What to produce
Return only those lines of the material that contain "BRAKE".

Input records
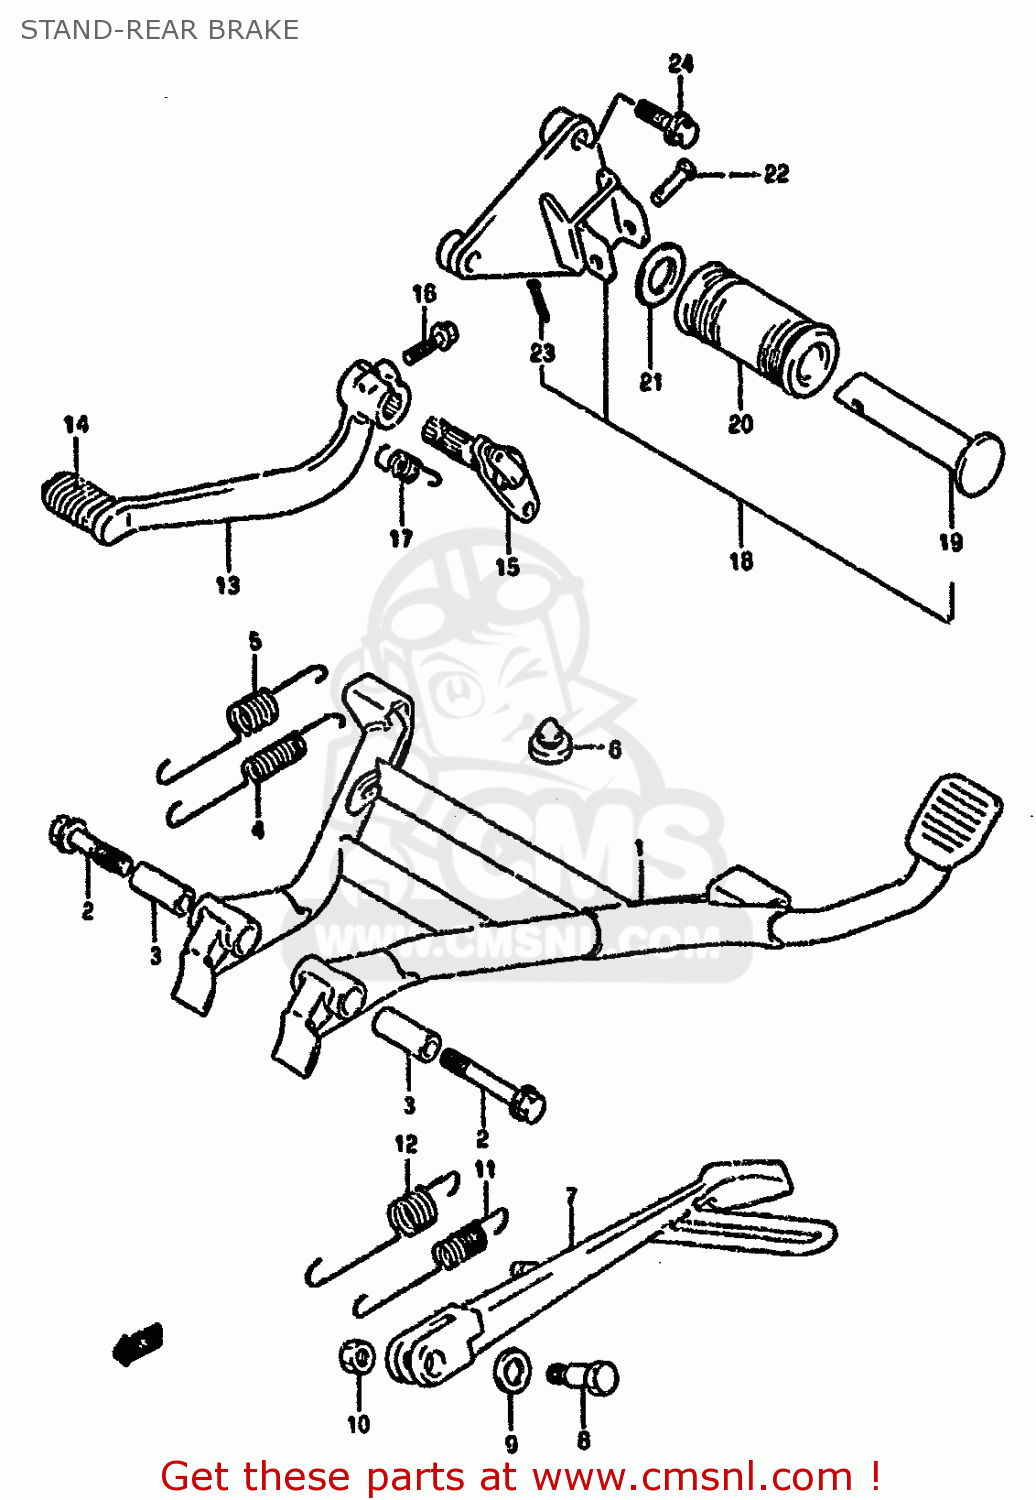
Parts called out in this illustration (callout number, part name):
1	STAND,PROP.
2	BOLT(10X60)
3	SPACER(10X16X38.8)
4	SPRING
5	SPRING OUTER
6	CUSHION
7	STAND,PROP
8	BOLT(10X38)
9	SHIM
10	NUT
11	SPRING
12	SPRING
13	PEDAL COMP,BRAKE
14	RUBBER,PEDAL
15	ARM,BRAKE ROD
16	BOLT
17	SPRING,BRAKE PEDAL
18	GRIP SET,CENTER STAND
19	BAR,PILLION FOOTREST
20	RUBBER,STAND GRIOP (OPT)
21	WASHER (19.5X32X2)
22	PIN
23	PIN
24	BOLT
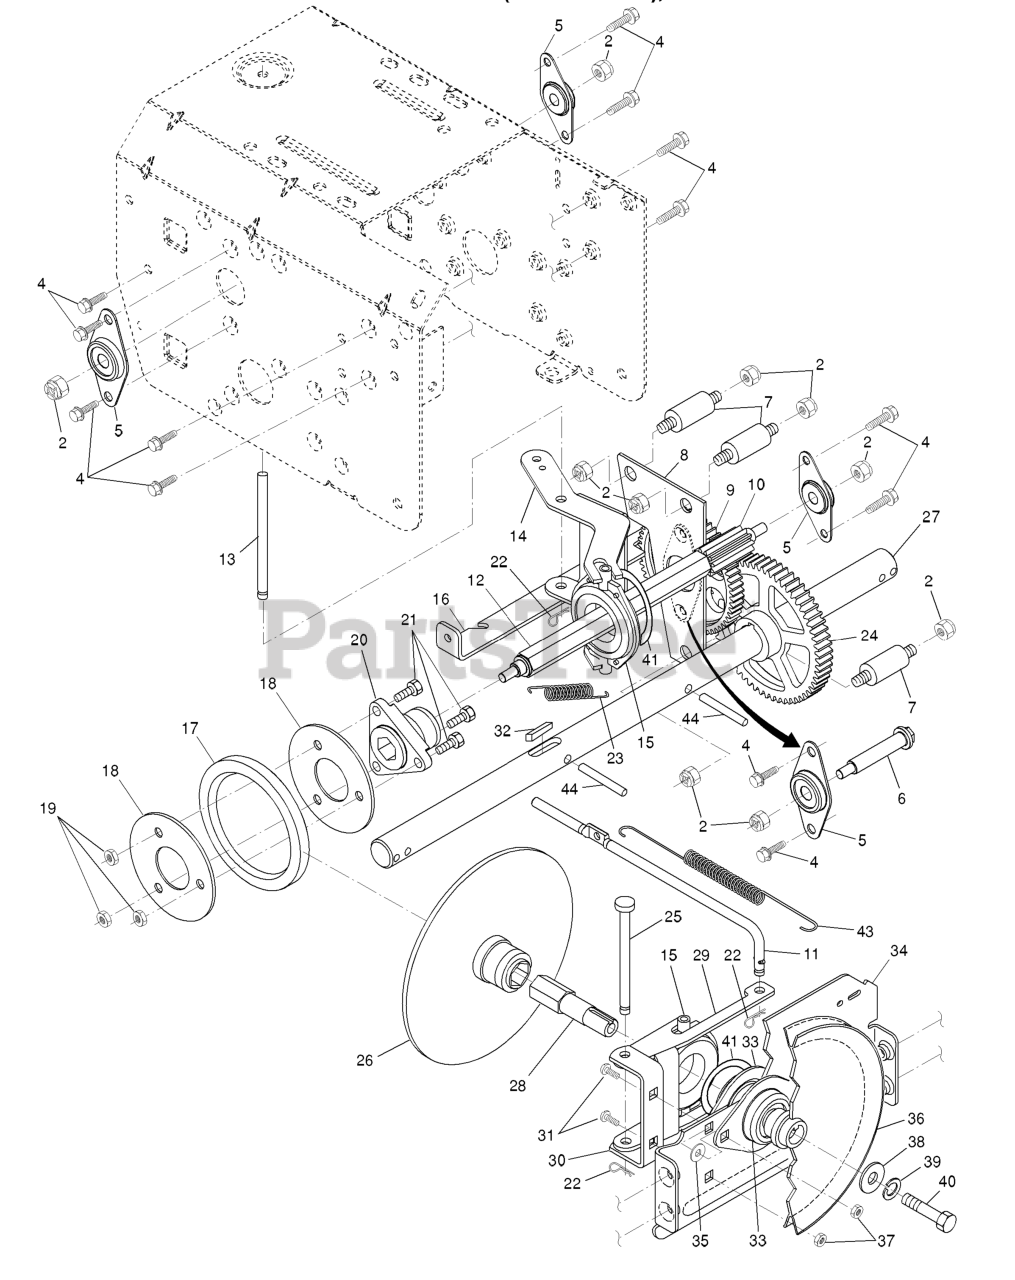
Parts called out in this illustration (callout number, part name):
2	NUT.LOCK.5/16-18
4	Screw, Hex Head 5/16-18 x 1/2
5	BEARING, FLANGE
6	SHAFT, AUXILIARY
7	SPACER, PLATE
8	AUXILLARY PLATE
9	GEAR, INTERMEDIATE
10	GEAR, PINION
11	ROD.CLUTCH.YELLOW.ZINC
12	SHAFT.HEX.LONG
13	PIN, PIVOT
14	LEVER, SPEED CONTROL
15	TRUNNION BEARING ASSY
16	BRACKET, PIVOT, SHIFT
17	RING, RUBBER WHEEL
18	PLATE.RUBBER.WHEEL
19	NUT.CENTERLOCK.5/16-
20	HUB, RUBBER WHEEL
21	BOLT
22	RETAINER CLIP PM
23	SPRING, BIAS
24	GEAR, AXLE (58T)
25	PIN, PIVOT LEVER
26	DRIVE PLATE WELDMENT
27	SHAFT.AXLE.POWER.STEERING
28	SHAFT.HEX.SHORT
29	LEVER.SHIFTER.PLATE.BLACK
30	BRACKET, SHIFTER SUPPORT
31	BOLT
32	KEY, SQUARE 1/4 X .875
33	BEARING FLANGE
34	PLATE.DRIVE.MOUNTING.BLACK
35	SPACER, BEARING
36	PULLEY.TRACTION.7.75
37	NUT.FLANGE.5/16
38	WASHER, FLAT
39	WASHER.LOCK.HVY.HLCL.SPR.5/16
40	Screw, Hex Head 5/16-18 x 3/4
41	RETAINING RING (2 2)(3 2)
43	SPRING.RETURN
44	PIN.ROLL.3/16

Written reply
13	PEDAL COMP,BRAKE
15	ARM,BRAKE ROD
17	SPRING,BRAKE PEDAL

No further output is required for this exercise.